— What to produce —
Go through the material below and report how many lines contain "xscale". Give only the number.
>>>
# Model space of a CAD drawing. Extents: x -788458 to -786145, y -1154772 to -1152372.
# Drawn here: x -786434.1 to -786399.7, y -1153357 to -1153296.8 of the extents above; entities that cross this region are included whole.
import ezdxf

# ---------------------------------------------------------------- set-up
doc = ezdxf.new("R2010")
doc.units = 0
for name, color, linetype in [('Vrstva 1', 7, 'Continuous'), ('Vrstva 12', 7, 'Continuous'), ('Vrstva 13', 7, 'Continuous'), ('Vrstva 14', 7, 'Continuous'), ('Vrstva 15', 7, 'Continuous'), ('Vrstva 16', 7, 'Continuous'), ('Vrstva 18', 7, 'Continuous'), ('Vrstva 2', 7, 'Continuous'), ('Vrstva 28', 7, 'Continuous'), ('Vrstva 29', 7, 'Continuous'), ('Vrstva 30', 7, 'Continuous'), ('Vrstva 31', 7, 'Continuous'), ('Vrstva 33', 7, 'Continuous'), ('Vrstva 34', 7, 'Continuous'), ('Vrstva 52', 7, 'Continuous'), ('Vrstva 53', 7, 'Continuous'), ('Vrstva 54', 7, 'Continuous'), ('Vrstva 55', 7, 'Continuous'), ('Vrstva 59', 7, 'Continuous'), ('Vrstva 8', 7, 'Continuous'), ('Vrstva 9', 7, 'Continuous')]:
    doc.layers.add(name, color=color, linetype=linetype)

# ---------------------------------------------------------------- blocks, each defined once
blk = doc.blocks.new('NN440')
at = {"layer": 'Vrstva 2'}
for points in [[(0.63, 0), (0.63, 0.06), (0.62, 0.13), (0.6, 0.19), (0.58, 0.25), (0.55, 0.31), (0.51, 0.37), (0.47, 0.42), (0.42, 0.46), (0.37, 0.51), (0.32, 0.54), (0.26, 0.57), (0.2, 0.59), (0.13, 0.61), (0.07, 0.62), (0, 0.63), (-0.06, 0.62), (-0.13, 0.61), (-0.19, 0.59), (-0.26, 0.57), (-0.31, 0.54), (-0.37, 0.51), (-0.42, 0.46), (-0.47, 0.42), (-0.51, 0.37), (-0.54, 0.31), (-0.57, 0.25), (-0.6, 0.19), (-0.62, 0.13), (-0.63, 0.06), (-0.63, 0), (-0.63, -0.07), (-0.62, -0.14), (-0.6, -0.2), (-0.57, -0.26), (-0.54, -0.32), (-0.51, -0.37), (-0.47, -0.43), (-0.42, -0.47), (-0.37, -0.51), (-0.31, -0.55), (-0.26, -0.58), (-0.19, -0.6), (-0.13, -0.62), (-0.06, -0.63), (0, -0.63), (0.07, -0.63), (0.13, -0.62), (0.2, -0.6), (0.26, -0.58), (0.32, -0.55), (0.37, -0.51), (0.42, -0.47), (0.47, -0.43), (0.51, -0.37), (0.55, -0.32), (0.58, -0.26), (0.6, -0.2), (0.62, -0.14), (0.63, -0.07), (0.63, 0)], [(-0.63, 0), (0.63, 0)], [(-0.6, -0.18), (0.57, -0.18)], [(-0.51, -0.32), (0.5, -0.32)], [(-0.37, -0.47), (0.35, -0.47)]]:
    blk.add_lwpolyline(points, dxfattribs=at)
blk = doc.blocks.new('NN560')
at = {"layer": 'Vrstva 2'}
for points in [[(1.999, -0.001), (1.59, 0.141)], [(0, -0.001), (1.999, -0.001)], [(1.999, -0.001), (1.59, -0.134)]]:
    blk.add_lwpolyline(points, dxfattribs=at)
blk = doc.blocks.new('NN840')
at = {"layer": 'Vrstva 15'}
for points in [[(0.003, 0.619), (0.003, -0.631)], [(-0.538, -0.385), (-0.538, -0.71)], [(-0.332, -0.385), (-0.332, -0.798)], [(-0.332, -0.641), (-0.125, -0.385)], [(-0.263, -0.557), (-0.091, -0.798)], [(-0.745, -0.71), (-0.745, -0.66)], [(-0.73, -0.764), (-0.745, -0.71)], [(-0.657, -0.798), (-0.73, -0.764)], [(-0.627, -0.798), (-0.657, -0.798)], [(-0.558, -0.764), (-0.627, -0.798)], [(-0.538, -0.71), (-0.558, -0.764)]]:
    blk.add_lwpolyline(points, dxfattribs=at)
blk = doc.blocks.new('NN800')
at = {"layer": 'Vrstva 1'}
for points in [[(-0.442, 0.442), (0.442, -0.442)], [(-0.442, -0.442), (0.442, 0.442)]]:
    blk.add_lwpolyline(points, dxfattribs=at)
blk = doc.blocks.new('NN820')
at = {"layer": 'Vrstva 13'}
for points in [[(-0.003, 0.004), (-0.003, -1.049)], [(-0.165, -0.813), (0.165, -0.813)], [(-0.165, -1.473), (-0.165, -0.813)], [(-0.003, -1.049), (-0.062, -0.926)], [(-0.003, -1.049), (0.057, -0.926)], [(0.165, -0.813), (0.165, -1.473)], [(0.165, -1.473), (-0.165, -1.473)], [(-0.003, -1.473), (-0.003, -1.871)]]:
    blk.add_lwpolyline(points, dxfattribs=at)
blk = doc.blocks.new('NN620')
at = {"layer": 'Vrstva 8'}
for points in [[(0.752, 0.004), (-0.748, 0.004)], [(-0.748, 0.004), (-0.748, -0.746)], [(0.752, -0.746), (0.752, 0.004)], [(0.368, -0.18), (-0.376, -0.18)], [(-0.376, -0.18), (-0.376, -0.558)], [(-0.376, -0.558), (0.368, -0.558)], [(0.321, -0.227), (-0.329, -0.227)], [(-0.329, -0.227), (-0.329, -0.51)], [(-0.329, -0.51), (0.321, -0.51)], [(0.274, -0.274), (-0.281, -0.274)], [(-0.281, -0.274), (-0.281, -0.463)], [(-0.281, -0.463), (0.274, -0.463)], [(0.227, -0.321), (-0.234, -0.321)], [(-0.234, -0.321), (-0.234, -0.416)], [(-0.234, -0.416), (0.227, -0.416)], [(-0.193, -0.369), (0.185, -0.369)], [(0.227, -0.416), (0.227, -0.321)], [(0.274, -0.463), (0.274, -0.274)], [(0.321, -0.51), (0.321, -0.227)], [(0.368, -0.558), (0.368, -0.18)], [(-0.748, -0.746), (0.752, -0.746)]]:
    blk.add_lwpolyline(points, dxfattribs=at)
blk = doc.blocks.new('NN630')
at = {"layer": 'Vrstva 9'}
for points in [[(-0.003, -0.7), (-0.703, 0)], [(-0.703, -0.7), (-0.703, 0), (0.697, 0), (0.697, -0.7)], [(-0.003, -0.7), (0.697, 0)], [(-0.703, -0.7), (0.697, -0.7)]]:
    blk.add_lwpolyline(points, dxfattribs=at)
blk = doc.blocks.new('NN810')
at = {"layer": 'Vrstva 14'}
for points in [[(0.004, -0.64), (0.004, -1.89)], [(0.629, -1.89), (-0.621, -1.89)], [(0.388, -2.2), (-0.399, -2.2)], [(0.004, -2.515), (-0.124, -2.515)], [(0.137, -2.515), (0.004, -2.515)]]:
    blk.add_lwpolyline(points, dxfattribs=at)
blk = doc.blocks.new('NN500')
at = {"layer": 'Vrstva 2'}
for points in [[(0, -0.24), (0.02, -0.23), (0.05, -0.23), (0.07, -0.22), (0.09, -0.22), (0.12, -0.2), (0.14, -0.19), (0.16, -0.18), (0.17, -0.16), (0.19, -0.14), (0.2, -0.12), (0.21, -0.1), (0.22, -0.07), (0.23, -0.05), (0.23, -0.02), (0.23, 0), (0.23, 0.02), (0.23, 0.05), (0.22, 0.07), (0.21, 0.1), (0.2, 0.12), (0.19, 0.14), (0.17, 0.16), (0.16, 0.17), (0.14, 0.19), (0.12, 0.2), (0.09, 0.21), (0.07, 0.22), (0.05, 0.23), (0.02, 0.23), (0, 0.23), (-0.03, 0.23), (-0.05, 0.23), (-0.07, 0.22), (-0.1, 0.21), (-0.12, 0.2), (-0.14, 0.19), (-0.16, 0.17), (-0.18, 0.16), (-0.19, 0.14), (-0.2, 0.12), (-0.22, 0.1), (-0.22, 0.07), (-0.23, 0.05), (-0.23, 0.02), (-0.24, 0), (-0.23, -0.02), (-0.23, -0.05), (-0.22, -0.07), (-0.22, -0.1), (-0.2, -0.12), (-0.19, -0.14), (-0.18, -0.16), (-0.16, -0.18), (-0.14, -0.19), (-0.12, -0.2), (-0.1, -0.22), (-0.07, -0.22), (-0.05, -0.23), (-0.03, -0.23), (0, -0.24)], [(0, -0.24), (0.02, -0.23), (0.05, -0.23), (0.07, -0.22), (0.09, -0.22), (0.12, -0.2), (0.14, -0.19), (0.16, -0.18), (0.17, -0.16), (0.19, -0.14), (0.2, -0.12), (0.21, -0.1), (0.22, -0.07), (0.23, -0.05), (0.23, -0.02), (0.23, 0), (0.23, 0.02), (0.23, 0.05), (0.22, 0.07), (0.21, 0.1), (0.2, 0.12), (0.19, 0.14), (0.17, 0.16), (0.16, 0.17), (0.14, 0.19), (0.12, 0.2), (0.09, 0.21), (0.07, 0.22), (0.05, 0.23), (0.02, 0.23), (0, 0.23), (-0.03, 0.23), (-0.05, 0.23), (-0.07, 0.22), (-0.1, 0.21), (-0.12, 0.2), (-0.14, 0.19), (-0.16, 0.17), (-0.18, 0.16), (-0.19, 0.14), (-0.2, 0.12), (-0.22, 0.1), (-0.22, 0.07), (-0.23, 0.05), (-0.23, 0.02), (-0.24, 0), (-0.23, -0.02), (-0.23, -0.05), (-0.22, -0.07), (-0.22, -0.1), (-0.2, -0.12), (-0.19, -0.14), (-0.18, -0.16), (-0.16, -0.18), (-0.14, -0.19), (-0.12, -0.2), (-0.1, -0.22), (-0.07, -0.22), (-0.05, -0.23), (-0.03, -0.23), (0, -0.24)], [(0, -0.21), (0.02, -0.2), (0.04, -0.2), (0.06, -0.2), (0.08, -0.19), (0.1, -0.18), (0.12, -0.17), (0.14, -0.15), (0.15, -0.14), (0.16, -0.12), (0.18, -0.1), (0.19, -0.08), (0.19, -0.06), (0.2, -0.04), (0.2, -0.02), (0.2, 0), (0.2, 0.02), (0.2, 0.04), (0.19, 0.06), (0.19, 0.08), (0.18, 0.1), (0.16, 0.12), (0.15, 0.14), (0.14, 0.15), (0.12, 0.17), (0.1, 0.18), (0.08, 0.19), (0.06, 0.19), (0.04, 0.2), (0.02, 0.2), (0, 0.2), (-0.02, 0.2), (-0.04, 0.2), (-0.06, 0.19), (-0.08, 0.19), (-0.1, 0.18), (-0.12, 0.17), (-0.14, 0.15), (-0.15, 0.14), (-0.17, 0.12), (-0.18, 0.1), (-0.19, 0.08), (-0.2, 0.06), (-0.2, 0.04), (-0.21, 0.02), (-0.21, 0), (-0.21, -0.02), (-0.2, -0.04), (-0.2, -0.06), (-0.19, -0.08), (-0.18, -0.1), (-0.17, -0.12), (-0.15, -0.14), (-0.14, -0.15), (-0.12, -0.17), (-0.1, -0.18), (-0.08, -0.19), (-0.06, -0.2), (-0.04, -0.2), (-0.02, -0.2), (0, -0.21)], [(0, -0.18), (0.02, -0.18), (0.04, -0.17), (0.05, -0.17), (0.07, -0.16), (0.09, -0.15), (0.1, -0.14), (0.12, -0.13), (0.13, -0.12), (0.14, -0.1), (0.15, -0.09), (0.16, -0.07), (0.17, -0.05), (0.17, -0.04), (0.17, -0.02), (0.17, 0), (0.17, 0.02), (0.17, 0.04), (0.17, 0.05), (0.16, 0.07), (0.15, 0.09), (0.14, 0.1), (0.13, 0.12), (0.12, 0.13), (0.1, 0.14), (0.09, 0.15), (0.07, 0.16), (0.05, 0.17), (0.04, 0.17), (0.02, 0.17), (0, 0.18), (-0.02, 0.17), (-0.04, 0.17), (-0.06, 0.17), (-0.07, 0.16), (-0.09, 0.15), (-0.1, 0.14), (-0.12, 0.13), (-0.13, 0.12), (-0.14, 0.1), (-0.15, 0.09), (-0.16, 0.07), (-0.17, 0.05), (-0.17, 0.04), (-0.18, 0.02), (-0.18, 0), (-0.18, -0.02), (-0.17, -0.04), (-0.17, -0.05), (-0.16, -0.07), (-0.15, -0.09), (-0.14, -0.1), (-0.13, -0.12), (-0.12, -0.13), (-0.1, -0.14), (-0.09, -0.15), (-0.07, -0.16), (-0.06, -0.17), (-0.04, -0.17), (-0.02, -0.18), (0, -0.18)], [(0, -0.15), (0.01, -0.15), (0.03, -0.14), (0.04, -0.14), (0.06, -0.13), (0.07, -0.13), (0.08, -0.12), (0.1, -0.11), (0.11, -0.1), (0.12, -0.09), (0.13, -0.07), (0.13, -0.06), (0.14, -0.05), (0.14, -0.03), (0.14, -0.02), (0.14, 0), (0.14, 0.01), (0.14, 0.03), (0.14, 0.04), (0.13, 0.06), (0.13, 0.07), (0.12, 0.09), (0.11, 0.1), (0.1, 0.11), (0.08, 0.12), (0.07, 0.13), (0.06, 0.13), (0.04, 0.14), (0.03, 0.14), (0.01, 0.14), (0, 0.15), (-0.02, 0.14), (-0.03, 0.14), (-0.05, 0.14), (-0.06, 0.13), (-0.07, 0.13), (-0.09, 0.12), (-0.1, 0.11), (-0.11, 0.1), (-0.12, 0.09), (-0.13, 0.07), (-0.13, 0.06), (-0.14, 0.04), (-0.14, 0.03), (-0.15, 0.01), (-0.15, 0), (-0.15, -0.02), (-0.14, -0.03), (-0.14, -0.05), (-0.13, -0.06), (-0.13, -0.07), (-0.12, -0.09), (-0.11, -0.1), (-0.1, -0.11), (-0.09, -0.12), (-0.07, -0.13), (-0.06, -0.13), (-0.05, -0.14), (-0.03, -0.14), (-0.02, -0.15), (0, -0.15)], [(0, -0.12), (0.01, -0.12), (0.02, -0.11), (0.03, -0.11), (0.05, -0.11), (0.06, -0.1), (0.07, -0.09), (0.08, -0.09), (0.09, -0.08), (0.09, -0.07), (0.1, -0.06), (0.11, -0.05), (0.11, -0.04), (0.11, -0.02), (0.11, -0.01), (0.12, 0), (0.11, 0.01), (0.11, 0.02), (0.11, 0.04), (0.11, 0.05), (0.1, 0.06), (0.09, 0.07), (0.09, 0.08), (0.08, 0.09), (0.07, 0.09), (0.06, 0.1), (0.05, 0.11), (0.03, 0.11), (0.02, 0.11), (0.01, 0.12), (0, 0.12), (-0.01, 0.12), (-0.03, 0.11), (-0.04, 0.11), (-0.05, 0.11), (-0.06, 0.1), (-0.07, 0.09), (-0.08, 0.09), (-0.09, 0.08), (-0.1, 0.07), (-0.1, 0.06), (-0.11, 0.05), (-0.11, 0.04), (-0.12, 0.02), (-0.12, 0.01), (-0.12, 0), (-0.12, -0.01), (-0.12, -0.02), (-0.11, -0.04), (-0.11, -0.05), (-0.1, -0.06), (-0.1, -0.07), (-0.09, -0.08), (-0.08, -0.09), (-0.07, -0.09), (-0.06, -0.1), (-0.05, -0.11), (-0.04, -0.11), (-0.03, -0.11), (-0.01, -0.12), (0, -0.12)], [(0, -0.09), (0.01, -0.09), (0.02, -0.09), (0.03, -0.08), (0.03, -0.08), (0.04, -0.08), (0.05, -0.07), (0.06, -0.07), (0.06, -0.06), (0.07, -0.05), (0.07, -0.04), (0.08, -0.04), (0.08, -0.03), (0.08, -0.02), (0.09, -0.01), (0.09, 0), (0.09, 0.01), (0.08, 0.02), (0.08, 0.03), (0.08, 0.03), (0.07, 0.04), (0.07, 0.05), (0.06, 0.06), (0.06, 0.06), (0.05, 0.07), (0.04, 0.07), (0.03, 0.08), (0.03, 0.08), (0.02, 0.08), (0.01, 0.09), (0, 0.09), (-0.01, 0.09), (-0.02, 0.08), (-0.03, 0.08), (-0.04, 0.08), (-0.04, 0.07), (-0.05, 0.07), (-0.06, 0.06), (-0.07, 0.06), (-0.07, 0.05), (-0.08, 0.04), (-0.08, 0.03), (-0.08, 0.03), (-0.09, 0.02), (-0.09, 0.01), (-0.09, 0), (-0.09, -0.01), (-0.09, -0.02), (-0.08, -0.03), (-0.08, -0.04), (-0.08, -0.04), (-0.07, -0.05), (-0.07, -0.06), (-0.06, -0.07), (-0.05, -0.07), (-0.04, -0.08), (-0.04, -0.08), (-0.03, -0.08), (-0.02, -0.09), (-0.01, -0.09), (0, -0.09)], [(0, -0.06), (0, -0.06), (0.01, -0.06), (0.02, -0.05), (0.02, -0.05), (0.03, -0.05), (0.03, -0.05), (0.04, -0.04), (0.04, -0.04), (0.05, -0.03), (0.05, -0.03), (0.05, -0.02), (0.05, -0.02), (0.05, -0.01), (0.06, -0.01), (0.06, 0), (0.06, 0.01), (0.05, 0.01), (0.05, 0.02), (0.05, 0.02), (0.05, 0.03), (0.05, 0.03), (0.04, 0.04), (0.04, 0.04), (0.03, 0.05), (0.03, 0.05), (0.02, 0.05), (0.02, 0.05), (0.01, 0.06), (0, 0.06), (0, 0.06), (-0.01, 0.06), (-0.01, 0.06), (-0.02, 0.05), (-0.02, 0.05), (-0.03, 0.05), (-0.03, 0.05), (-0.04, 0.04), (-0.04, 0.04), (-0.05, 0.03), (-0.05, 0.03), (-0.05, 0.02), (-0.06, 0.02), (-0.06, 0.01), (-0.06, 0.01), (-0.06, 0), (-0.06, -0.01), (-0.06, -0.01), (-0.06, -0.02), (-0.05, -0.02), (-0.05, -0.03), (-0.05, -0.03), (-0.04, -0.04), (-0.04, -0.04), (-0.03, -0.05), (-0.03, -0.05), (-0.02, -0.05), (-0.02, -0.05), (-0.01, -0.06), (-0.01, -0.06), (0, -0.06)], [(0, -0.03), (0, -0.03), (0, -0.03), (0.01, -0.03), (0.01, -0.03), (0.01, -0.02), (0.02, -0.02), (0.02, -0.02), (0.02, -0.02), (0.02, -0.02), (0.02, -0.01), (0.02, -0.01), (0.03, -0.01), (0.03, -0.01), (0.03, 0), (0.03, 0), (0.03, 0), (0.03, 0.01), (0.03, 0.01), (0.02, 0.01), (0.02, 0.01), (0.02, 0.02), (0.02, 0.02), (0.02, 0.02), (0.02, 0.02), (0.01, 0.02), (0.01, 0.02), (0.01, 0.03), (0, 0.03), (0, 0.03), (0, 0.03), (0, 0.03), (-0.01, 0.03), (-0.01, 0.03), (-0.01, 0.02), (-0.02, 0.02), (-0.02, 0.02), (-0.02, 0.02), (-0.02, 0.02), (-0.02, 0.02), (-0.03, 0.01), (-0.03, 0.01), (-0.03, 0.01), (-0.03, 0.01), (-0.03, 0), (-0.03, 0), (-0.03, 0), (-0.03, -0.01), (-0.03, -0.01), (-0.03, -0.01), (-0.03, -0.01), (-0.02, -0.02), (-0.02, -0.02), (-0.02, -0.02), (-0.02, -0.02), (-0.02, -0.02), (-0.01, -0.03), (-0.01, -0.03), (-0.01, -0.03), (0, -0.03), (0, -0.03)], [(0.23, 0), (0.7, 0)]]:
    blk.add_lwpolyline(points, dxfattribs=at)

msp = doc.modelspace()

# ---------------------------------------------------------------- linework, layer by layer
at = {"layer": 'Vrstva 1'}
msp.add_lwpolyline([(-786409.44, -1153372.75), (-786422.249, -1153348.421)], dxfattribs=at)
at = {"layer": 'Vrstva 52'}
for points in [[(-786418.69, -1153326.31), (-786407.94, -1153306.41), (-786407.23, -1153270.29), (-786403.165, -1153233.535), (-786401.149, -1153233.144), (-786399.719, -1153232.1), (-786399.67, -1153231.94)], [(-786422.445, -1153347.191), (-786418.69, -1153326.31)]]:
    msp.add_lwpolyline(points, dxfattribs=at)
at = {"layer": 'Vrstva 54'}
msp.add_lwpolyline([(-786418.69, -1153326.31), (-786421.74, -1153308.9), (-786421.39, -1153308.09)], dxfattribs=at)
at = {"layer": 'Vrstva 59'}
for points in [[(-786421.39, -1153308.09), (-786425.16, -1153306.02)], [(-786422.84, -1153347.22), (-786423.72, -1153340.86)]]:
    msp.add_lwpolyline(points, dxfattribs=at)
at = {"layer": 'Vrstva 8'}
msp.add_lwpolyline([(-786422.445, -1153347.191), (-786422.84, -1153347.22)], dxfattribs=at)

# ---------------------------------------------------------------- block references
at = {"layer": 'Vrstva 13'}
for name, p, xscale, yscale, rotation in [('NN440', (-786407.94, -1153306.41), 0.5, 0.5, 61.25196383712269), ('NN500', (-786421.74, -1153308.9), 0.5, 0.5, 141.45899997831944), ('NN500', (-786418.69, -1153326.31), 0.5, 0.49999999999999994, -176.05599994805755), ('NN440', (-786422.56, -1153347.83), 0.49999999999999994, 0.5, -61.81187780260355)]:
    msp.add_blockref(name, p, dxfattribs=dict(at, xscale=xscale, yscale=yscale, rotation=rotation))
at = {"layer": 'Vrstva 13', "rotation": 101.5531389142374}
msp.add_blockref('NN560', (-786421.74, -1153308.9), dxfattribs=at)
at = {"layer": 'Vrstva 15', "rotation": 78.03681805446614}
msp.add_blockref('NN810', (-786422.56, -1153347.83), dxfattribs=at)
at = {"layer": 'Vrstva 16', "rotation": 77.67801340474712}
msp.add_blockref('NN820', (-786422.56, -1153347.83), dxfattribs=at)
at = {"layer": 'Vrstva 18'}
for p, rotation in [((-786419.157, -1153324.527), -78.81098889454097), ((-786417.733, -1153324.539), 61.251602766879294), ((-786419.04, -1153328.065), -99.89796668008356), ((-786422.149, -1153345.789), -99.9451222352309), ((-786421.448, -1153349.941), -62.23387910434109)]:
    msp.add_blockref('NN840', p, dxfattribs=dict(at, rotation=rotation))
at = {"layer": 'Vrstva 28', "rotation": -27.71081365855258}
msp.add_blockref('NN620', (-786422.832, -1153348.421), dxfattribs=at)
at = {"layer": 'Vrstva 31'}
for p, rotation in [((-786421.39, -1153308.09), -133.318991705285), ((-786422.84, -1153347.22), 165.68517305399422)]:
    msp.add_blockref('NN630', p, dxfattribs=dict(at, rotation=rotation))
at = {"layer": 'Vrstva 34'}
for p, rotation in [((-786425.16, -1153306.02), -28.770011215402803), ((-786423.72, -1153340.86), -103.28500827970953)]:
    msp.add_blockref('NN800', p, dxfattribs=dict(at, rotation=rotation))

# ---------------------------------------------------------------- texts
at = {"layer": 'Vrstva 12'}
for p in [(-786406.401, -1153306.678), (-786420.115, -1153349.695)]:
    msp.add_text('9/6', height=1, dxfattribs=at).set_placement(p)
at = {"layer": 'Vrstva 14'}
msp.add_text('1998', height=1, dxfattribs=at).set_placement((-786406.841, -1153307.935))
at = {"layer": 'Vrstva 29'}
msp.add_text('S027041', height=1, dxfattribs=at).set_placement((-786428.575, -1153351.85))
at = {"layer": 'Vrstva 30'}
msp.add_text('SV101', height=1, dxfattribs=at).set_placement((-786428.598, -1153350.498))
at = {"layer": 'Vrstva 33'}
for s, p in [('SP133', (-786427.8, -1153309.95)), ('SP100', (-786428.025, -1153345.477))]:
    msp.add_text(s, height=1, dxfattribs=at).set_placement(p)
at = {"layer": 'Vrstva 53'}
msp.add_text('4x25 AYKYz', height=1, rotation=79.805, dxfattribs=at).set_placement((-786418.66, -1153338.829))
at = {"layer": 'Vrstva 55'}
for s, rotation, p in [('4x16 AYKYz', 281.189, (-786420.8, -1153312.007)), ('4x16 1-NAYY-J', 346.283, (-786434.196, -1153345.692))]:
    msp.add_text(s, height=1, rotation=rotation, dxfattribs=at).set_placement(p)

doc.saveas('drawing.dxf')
<<<
— Problem solution —
2